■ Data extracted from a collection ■
------------------------------

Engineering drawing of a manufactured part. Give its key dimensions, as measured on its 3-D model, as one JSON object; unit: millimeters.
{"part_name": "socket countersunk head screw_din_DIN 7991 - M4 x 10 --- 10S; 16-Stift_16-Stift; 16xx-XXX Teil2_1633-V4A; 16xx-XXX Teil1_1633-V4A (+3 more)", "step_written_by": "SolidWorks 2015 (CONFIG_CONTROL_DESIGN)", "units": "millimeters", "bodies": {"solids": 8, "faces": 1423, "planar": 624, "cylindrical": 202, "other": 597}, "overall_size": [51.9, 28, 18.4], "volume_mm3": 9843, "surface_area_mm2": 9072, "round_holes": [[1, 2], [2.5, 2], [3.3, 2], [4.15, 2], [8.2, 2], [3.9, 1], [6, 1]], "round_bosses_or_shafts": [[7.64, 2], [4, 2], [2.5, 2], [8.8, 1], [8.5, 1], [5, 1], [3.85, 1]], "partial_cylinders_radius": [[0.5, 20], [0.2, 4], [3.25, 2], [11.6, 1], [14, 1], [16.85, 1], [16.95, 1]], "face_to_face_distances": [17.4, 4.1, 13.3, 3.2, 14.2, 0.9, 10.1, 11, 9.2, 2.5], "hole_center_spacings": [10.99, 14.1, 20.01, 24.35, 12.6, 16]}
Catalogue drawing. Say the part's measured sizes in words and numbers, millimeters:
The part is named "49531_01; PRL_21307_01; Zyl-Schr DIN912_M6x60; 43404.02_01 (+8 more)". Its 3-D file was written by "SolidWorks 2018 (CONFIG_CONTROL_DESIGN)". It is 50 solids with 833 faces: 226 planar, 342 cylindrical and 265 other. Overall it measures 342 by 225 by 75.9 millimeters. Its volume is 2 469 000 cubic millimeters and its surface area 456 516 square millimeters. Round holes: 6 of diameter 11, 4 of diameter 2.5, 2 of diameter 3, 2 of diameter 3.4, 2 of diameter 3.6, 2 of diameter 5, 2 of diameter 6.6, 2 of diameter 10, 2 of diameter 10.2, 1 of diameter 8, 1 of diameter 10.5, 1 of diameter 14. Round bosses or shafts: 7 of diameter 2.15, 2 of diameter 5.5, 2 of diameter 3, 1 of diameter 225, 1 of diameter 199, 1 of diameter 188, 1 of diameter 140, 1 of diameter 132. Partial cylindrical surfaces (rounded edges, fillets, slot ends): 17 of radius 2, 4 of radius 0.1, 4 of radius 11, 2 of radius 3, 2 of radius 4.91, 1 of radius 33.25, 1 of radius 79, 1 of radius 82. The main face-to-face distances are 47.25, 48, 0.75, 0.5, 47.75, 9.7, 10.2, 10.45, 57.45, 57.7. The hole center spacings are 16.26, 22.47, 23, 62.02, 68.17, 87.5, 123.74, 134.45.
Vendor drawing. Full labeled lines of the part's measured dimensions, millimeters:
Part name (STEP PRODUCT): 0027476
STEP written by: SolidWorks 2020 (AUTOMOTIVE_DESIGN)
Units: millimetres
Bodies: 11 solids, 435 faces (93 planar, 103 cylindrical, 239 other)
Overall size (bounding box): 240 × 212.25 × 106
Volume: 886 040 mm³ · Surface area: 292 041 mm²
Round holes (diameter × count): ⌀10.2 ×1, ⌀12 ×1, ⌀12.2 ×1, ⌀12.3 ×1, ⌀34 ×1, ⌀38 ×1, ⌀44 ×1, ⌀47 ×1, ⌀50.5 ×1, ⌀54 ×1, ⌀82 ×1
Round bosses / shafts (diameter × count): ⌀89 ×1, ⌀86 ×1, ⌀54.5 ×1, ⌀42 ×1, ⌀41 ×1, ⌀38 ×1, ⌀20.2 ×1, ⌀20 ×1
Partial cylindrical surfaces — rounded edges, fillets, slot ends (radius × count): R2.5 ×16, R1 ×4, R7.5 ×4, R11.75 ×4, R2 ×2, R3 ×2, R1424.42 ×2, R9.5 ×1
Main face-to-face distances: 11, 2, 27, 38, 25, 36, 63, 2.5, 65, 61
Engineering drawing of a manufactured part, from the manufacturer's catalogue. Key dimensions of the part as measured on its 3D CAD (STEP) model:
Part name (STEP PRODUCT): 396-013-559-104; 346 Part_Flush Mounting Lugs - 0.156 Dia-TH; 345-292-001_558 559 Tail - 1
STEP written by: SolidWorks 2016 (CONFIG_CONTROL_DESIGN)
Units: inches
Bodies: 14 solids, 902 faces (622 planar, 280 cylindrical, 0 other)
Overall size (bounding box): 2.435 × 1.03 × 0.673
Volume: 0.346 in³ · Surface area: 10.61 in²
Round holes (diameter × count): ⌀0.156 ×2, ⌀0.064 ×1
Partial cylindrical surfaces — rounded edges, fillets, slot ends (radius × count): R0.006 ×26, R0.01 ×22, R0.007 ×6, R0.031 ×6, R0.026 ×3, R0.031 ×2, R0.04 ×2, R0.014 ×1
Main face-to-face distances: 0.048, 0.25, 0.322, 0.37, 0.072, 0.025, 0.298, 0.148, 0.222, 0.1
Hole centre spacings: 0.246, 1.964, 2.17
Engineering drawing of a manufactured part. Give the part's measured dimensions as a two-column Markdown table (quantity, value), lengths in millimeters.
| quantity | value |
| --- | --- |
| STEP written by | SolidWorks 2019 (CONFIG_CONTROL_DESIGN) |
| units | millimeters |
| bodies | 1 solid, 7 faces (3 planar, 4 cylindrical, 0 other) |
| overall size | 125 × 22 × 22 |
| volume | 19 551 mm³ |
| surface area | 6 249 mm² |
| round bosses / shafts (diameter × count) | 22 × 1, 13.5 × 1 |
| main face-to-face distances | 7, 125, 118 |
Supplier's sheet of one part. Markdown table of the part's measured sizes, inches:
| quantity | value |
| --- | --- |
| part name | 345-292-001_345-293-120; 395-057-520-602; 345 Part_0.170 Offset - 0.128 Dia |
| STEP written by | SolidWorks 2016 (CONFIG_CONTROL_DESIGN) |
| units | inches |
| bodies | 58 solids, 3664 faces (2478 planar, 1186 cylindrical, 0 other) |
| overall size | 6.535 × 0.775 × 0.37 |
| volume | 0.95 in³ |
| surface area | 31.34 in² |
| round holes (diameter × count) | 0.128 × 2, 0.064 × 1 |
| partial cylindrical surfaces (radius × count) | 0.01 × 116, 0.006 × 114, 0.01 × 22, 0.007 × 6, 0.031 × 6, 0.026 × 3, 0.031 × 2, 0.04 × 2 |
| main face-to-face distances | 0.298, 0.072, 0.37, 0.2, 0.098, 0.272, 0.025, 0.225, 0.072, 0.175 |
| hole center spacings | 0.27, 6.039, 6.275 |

------------------------------

■ YOUR ASSIGNMENT ■
For the word "Markdown", show every line of the entries that holds it.

■ WRITTEN ANSWER ■
Engineering drawing of a manufactured part. Give the part's measured dimensions as a two-column Markdown table (quantity, value), lengths in millimeters.
Supplier's sheet of one part. Markdown table of the part's measured sizes, inches:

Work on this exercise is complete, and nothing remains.